The answer must consist of every line below containing "maxlimit".

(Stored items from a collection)
=-=-=

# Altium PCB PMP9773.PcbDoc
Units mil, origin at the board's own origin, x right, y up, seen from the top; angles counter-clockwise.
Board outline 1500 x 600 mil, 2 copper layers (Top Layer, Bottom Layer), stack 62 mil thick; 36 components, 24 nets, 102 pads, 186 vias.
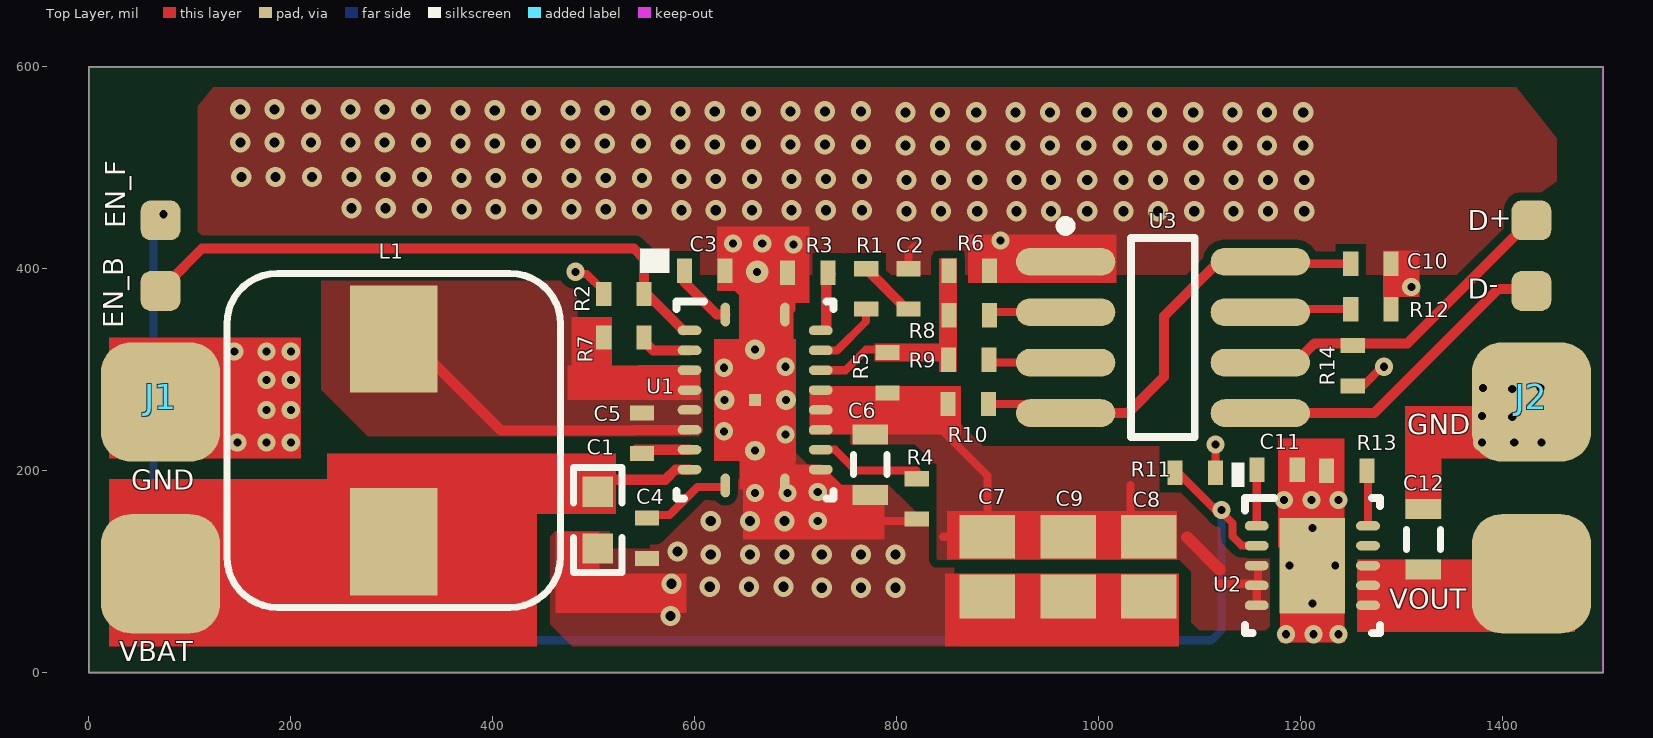
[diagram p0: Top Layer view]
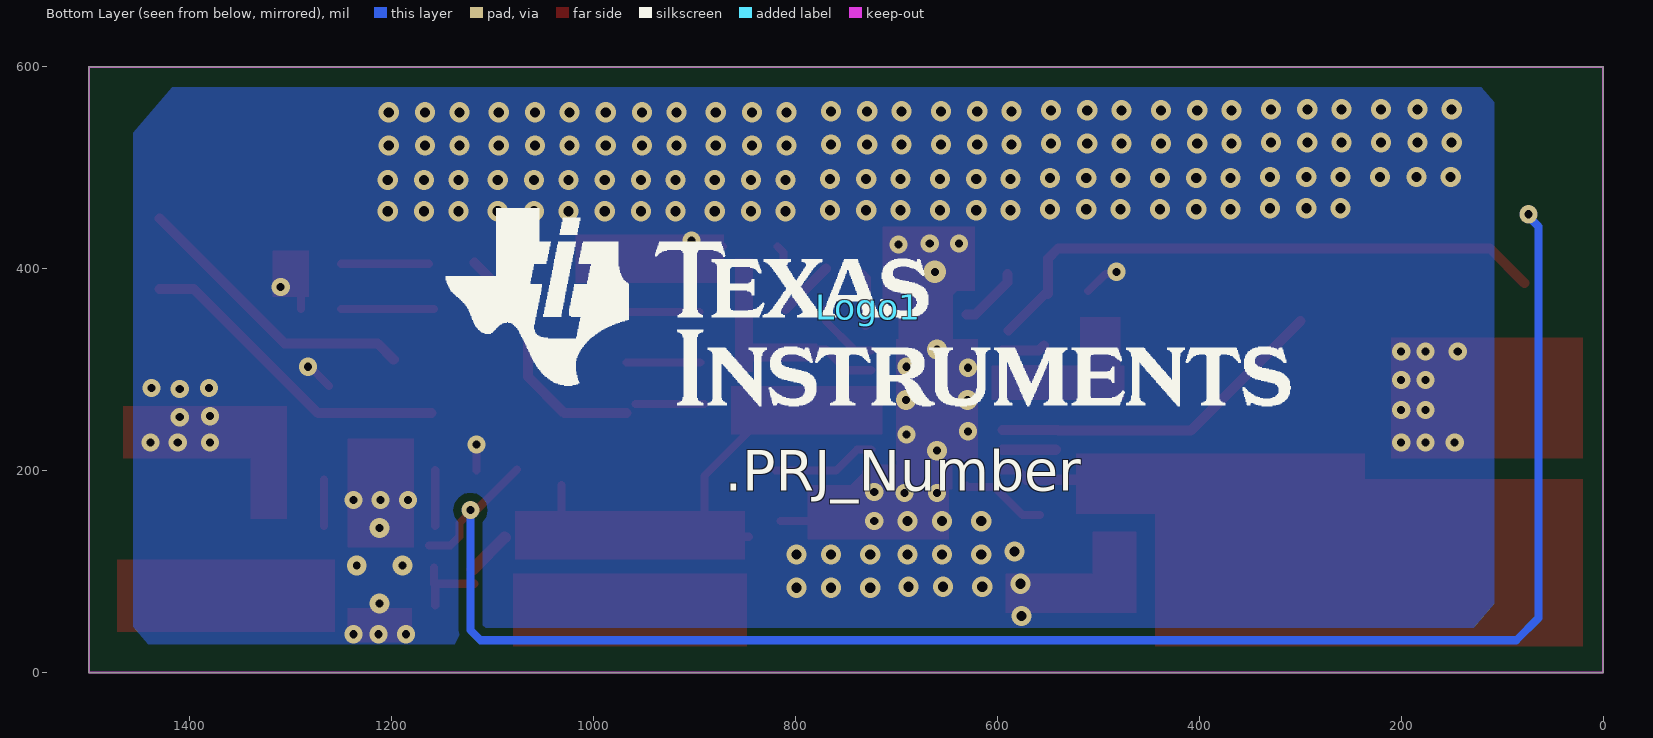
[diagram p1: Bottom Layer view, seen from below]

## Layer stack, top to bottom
Top Layer: signal copper 1.4
Dielectric: core 59.2, FR-4, Dk 4.8
Bottom Layer: signal copper 1.4

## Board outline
0,0 0,600 1500,600 1500,0

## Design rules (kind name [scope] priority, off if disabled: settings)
AcuteAngle [All] p1: minimum=4.50000000000000E+0001 checktracksonly=FALSE
AssemblyTestPointUsage [All] p1: valid=2
Clearance "Small Clearance" [InComponent('U1')] p1: gap=8
Clearance Clearance_BoardEdge_MountingHoles [OnCopper and InComponentClass('Mounting Holes') vs IsKeepOut] p2: gap=8
Clearance Clearance_BoardEdge_Poly [OnCopper and InPoly vs IsKeepOut] p3: gap=10
Clearance Clearance_BoardEdge [OnCopper and Not InComponentClass('Logo') and not InComponentClass('FiducialMark') and not InRegion(1000,500,4000,800) vs IsKeepOut] p4: gap=10
Clearance [All] p5: gap=8
ComponentClearance ComponentClearance_SHUNT [InComponentClass('Shunt')] p1: gap=0 collisioncheckmode=3 verticalgap=0 showdistances=FALSE
ComponentClearance ComponentClearance_Logo [All] p2: gap=10 collisioncheckmode=3 verticalgap=10 showdistances=FALSE
ComponentClearance ComponentClearance_ScrewToNut [(HasFootprint('NY PMS 440 0025 PH')) vs (HasFootprint('Keystone_1902C'))] p3: gap=5 collisioncheckmode=3 verticalgap=10 showdistances=FALSE
ComponentClearance ComponentClearance_MountingHoles [InComponentClass('Mounting Holes')] p4: gap=250 collisioncheckmode=3 verticalgap=100000 showdistances=FALSE
ComponentClearance ComponentClearance_SmallPassives [HasFootprint('0201*') or HasFootprint('0402*') or HasFootprint('0508') or HasFootprint('0603*') or HasFootprint('0612') or HasFootprint('0805*') or HasFootprint('0815*') or HasFootprint('0830*') or HasFootprint('1206*') or HasFootprint('1210*') or HasFootprint('1808*') or HasFootprint('1812*') or HasFootprint('1825*') or HasFootprint('2010*') or HasFootprint('2220*') or HasFootprint('2225*') or HasFootprint('2512*') or HasFootprint('2728*') or HasFootprint('3518*') vs HasFootprint('0201*') or HasFootprint('0402*') or HasFootprint('0508') or HasFootprint('0603*') or HasFootprint('0612') or HasFootprint('0805*') or HasFootprint('0815*') or HasFootprint('0830*') or HasFootprint('1206*') or HasFootprint('1210*') or HasFootprint('1808*') or HasFootprint('1812*') or HasFootprint('1825*') or HasFootprint('2010*') or HasFootprint('2220*') or HasFootprint('2225*') or HasFootprint('2512*') or HasFootprint('2728*') or HasFootprint('3518*')] p5: gap=20 collisioncheckmode=3 verticalgap=10 showdistances=FALSE
ComponentClearance ComponentClearance_THtoSMT [IsThruComponent vs IsSMTComponent] p6 off: gap=10 collisioncheckmode=3 verticalgap=100000 showdistances=FALSE
ComponentClearance ComponentClearance_THtoTH [IsThruComponent vs IsThruComponent] p7: gap=10.11 collisioncheckmode=3 verticalgap=100000 showdistances=FALSE
ComponentClearance [All] p8: gap=16 collisioncheckmode=3 verticalgap=10 showdistances=FALSE
DiffPairsRouting [All] p1: maxlimit=100 minlimit=10 mostfreqgap=10 maxuncoupledlength=1000
FabricationTestPointUsage TestPointUsage [All] p1: valid=2 allowmultiple=FALSE
FabricationTestpoint Testpoint [All] p1: side=3 testpointundercomponent=TRUE minsize=40 maxsize=100 preferedsize=60 minholesize=0 maxholesize=40 preferedholesize=32 testpointgrid=1 allowsidetop=TRUE allowsidebottom=TRUE usegrid=TRUE gridtolerance=0.01
FanoutControl Fanout_LCC [IsLCC] p1: bgadir=Out bgaviamode=Centered fanoutstyle=Auto fanoutdirection=Alternating viagrid=1 // Fanout_LCC (Default Rule)
FanoutControl Fanout_BGA [IsBGA] p2: bgadir=Out bgaviamode=Centered fanoutstyle=Auto fanoutdirection=Alternating viagrid=1 // Fanout_BGA (Default Rule)
FanoutControl Fanout_Default [All] p4: bgadir=Out bgaviamode=Centered fanoutstyle=Auto fanoutdirection=Alternating viagrid=1 // Fanout_Default (Default Rule)
FanoutControl Fanout_Small [(CompPinCount < 5)] p5: bgadir=Out bgaviamode=Centered fanoutstyle=Auto fanoutdirection=OutThenIn viagrid=1 // Fanout_Small (Default Rule)
HoleSize [All] p1: absolutevalues=TRUE maxlimit=80 minlimit=3.94 maxpercent=80.000 minpercent=20.000
HoleToHoleClearance [All] p1: gap=5 allowstackedmicrovias=TRUE
MinimumAnnularRing MinimumAnnularRing_small [TouchesRoom('BGA_Room')] p1: minimumring=2.8
MinimumAnnularRing [All] p2: minimumring=5
MinimumSolderMaskSliver MinimumSolderMaskSliver_Logo [InComponentClass('Logo') vs InComponentClass('Logo')] p1: minsoldermaskwidth=0.7
MinimumSolderMaskSliver [All] p2: minsoldermaskwidth=4
PlaneClearance [All] p1: clearance=10
PlaneConnect [All] p1: planeconnectstyle=Direct reliefexpansion=10 reliefentries=4 reliefconductorwidth=10 reliefairgap=10
PolygonConnect PolygonConnect-TH-Relief [IsPoly vs (IsThruPin)  And Not (InComponent('U3'))  And Not (InComponent('U4'))] p1: connectstyle=Direct reliefconductorwidth=20 reliefentries=4 polygonreliefangle="90 Angle" airgapwidth=10
PolygonConnect PolygonConnect-DirectConn [All] p2: connectstyle=Direct reliefconductorwidth=10 reliefentries=4 polygonreliefangle="90 Angle" airgapwidth=10
RoutingVias [All] p1: holewidth=10 width=22 viastyle="Through Hole" minholewidth=5.9 minwidth=11.8 maxholewidth=50 maxwidth=100
SMDToCorner [All] p1: distance=0
SilkToSilkClearance [All] p1: silktosilkclearance=3
SilkscreenOverComponentPads [All] p1: minsilkscreentomaskgap=2
SolderMaskExpansion [All] p1: expansion=1
Width [All] p1: maxlimit=100 minlimit=6 preferedwidth=10 checkconnectedcopper=TRUE
12 further rules are at their usual default settings.

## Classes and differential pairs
component class Logo: Logo1
component class PMP9773_Hardware: Logo1 ZZ1 ZZ2 ZZ3
component class AssemblyNote: ZZ1 ZZ2 ZZ3
component class PMP9773_Main: C1 C2 C3 C4 C5 C6 C7 C8 C9 C10 C11 C12 J1 J2 L1 R1 R2 R3 R4 R5 R6 R7 R8 R9 R10 R11 R12 R13 R14 U1 U2 U3

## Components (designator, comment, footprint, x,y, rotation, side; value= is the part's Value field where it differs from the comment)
C1 "GRM188R61A226ME15D" 0603_100_HV 504,151 r270 top
C2 "GRM155R71H103KA88D" 0402S 812,380 r90 top
C3 "GRM155R71C104KA88D" 0402S 610,398 r0 top
C4 "GRM155R61A473KA01D" 0402S 553,133 r270 top
C5 "GRM155R61C104KA88D" 0402S 548,237 r90 top
C6 "GRM188R61E105KA12D" 0603S 774,206 r270 top
C7 "GRM21BR61E226ME44" 0805L 890,105 r270 top
C8 "GRM21BR61E226ME44" 0805L 1050,105 r270 top
C9 "GRM21BR61E226ME44" 0805L 970,105 r270 top
C10 "GRM155R61A224KE19D" 0402S 1270,405 r0 top
C11 "GRM1535C1H101JDD5D" 0402S 1177,201 r0 top
C12 "GRM188R61E105KA12D" 0603S 1322,132 r90 top
J1 "Connector" Connector 71,198 r180 top
J2 "Connector" Connector 1429,198 r180 top
L1 "744311150" WE-HC4 302,230 r90 top
Logo1 "Texas Instruments" TI_Stacked_Overlay_Small 728,362 r180 bottom
R1 "CRCW04024K70JNED" 0402S 770,380 r270 top
R2 "CRCW04021M00FKED" 0402S 529.99,375 r0 top
R3 "CRCW0402100KFKED" 0402S 712,396 r0 top
R4 "RC0402JR-070RL" 0402s 820,172 r270 top
R5 "CRCW0402316KFKED" 0402S 791,297 r270 top
R6 "CRCW0402100KFKED" 0402S 872,398 r180 top
R7 "CRCW0402332KFKED" 0402S 530,332 r180 top
R8 "CRCW040295K3FKED" 0402S 872,354 r180 top
R9 "CRCW0402127KFKED" 0402S 871.5,309.87 r180 top
R10 "CRCW04023K01FKED" 0402S 871,266 r180 top
R11 "CRCW04021M00FKED" 0402S 1096,198 r180 top
R12 "CRCW0402127KFKED" 0402S 1270,360 r180 top
R13 "CRCW0402100KFKED" 0402S 1246,200 r0 top
R14 "CRCW0402390KJNED" 0402S 1252,304 r90 top
U1 "TPS61088RHLR" RHL0020A 660,270 r0 top
U2 "TPS2592AADRC" DRC0010J 1212,106 r0 top
U3 "CHY100" CHY100 1064,332 r0 top
ZZ1 "These assemblies are ESD sensitive, ESD precautions shall be observed." AssemblyNote 202,1133.11 r0 top
ZZ2 "These assemblies must be clean and free from flux and all contaminants. Use of no clean flux is not acceptable." AssemblyNote 202,1044.56 r0 top
ZZ3 "These assemblies must comply with workmanship standards IPC-A-610 Class 2, unless otherwise specified." AssemblyNote 202,956 r0 top

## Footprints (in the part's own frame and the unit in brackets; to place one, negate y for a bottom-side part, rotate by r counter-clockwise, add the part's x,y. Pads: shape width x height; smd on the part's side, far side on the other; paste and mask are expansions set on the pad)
0402S [mil] "Based on C0402S footprint from PADS legacy"
  rect 15x24 smd: 1(-20,0) 2(20,0)
  body extent -22,-12 22,12, height 24
0402s [mil] "Based on C0402S footprint from PADS legacy"
  rect 15x24 smd: 1(-20,0) 2(20,0)
  body extent -22,-12 22,12, height 24
0603_100_HV [mil] "SMD, 2-Leads, Body 1.6x0.8mm"
  rect 30x30 smd: 1(-28,0) 2(28,0)
  silkscreen extent -52,-24 52,24, body extent -34,-19 34,19, height 39
0603S [mil]
  rect 20x35 smd: 1(-30,0) 2(30,0)
  silkscreen extent -10,-17 10,17, body extent -34,-19 34,19, height 33
0805L [mm] "0805 from SM-752 data"
  rect 1.1x1.4 smd: 1(-0.75,0) 2(0.75,0)
  body extent -1.1,-0.72 1.1,0.72, height 1.1
AssemblyNote [mil] "Assembly Note"
CHY100 [mm]
  oval 2.5x0.7 smd: 1(-2.45,1.905) 2(-2.45,0.635) 3(-2.45,-0.635) 4(-2.45,-1.905) 5(2.45,-1.905) 6(2.45,-0.635) 7(2.45,0.635) 8(2.45,1.905)
  silkscreen extent -2.57,-2.5 0.8,2.93, body extent -2,-2.5 2,2.5, height 1.75
Connector [mm]
  rrect50% 3x3 smd: 1(0,2.54) 2(0,-1.778)
  rrect50% 1x1 smd: 3(0,-4.572) 4(0,-6.35)
DRC0010J [mm] "SON, 10-Leads, Body 3x3mm, Pitch 0.5mm, Thermal Pad 2.4x1.65mm, TI Recommended"
  oval 0.6x0.24 smd: 1(-1.4,1) 2(-1.4,0.5) 3(-1.4,0) 4(-1.4,-0.5) 5(-1.4,-1) 6(1.4,-1) 7(1.4,-0.5) 8(1.4,0) 9(1.4,0.5) 10(1.4,1)
  rect 1.65x2.4 smd paste-0.825: 11(0,0)
  Top Layer region: 0.135,1.1 0.365,1.1 0.365,1.5 0.135,1.5
  Top Layer region: -0.135,1.5 -0.365,1.5 -0.365,1.1 -0.135,1.1
  Top Layer region: -0.135,-1.1 -0.365,-1.1 -0.365,-1.5 -0.135,-1.5
  Top Layer region: 0.135,-1.5 0.365,-1.5 0.365,-1.1 0.135,-1.1
  silkscreen extent -1.7,-1.7 1.7,1.7, body extent -1.55,-1.55 1.55,1.55, height 1.01
RHL0020A [mm] "QFN, 20-Leads, Body 4.5x3.5mm, Pitch 0.5mm, Thermal Pad 3.05x2.05mm, TI Recommended"
  oval 0.24x0.6 smd: 1(-0.75,2.15) 10(-0.75,-2.15) 11(0.75,-2.15) 20(0.75,2.15)
  oval 0.6x0.24 smd: 2(-1.65,1.75) 3(-1.65,1.25) 4(-1.65,0.75) 5(-1.65,0.25) 6(-1.65,-0.25) 7(-1.65,-0.75) 8(-1.65,-1.25) 9(-1.65,-1.75) 12(1.65,-1.75) 13(1.65,-1.25) 14(1.65,-0.75) 15(1.65,-0.25) 16(1.65,0.25) 17(1.65,0.75) 18(1.65,1.25) 19(1.65,1.75)
  rect 0.3x0.3 smd paste-0.15 mask+0: 21(0,0)
  Top Layer region: 0.16,2.25 0.16,1.925 -0.16,1.925 -0.16,2.25 -0.39,2.25 -0.39,1.525 -1.025,1.525 -1.025,-1.525 -0.39,-1.525 -0.39,-2.25 -0.16,-2.25 -0.16,-1.925 0.16,-1.925 0.16,-2.25 0.39,-2.25 0.39,-1.525 1.025,-1.525 1.025,1.525 0.39,1.525 0.39,2.25
  silkscreen extent -1.98,-2.47 1.98,2.47, body extent -1.82,-2.33 1.83,2.32, height 1.01
TI_Stacked_Overlay_Small [mil]
  silkscreen extent -418,-98 418,98
WE-HC4 [mm] "Wurth Electronik recommended land pattern"
  rect 2.7x2.2 smd: 1(-2.55,0) 2(2.55,0)
  silkscreen extent -4.2,-4.2 4.2,4.2, body extent -3.66,-3.61 3.66,3.61, height 4

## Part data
C1: "CAP, CERM, 22 µF, 10 V, +/- 20%, X5R, 0603"
C2: "CAP, CERM, 0.01 µF, 50 V, +/- 10%, X7R, 0402"
C3: "CAP, CERM, 0.1 µF, 16 V, +/- 10%, X7R, 0402"
C4: "CAP, CERM, 0.047uF, 10V, +/-10%, X5R, 0402"
C5: "CAP, CERM, 0.1uF, 16V, +/-10%, X5R, 0402"
C6 C12: "CAP, CERM, 1 µF, 25 V, +/- 10%, X5R, 0603"
C7 C8 C9: "CAP, CERM, 22 µF, 25 V, +/- 20%, X5R, 0805"
C10: "CAP, CERM, 0.22 µF, 10 V, +/- 10%, X5R, 0402"
C11: "CAP, CERM, 100 pF, 50 V, +/- 5%, C0G/NP0, 0402"
L1: "Inductor, Shielded Drum Core, Superflux, 1.5 µH, 11 A, 0.0078 ohm, SMD"
Logo1: library part TI_Logo, "Texas Instrument Corporate Signature"
R1: "RES, 4.7 k, 5%, 0.063 W, 0402"
R2 R11: "RES, 1.00 M, 1%, 0.063 W, 0402"
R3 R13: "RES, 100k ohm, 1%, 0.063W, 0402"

=-=-=

◆ Answer box
DiffPairsRouting [All] p1: maxlimit=100 minlimit=10 mostfreqgap=10 maxuncoupledlength=1000
HoleSize [All] p1: absolutevalues=TRUE maxlimit=80 minlimit=3.94 maxpercent=80.000 minpercent=20.000
Width [All] p1: maxlimit=100 minlimit=6 preferedwidth=10 checkconnectedcopper=TRUE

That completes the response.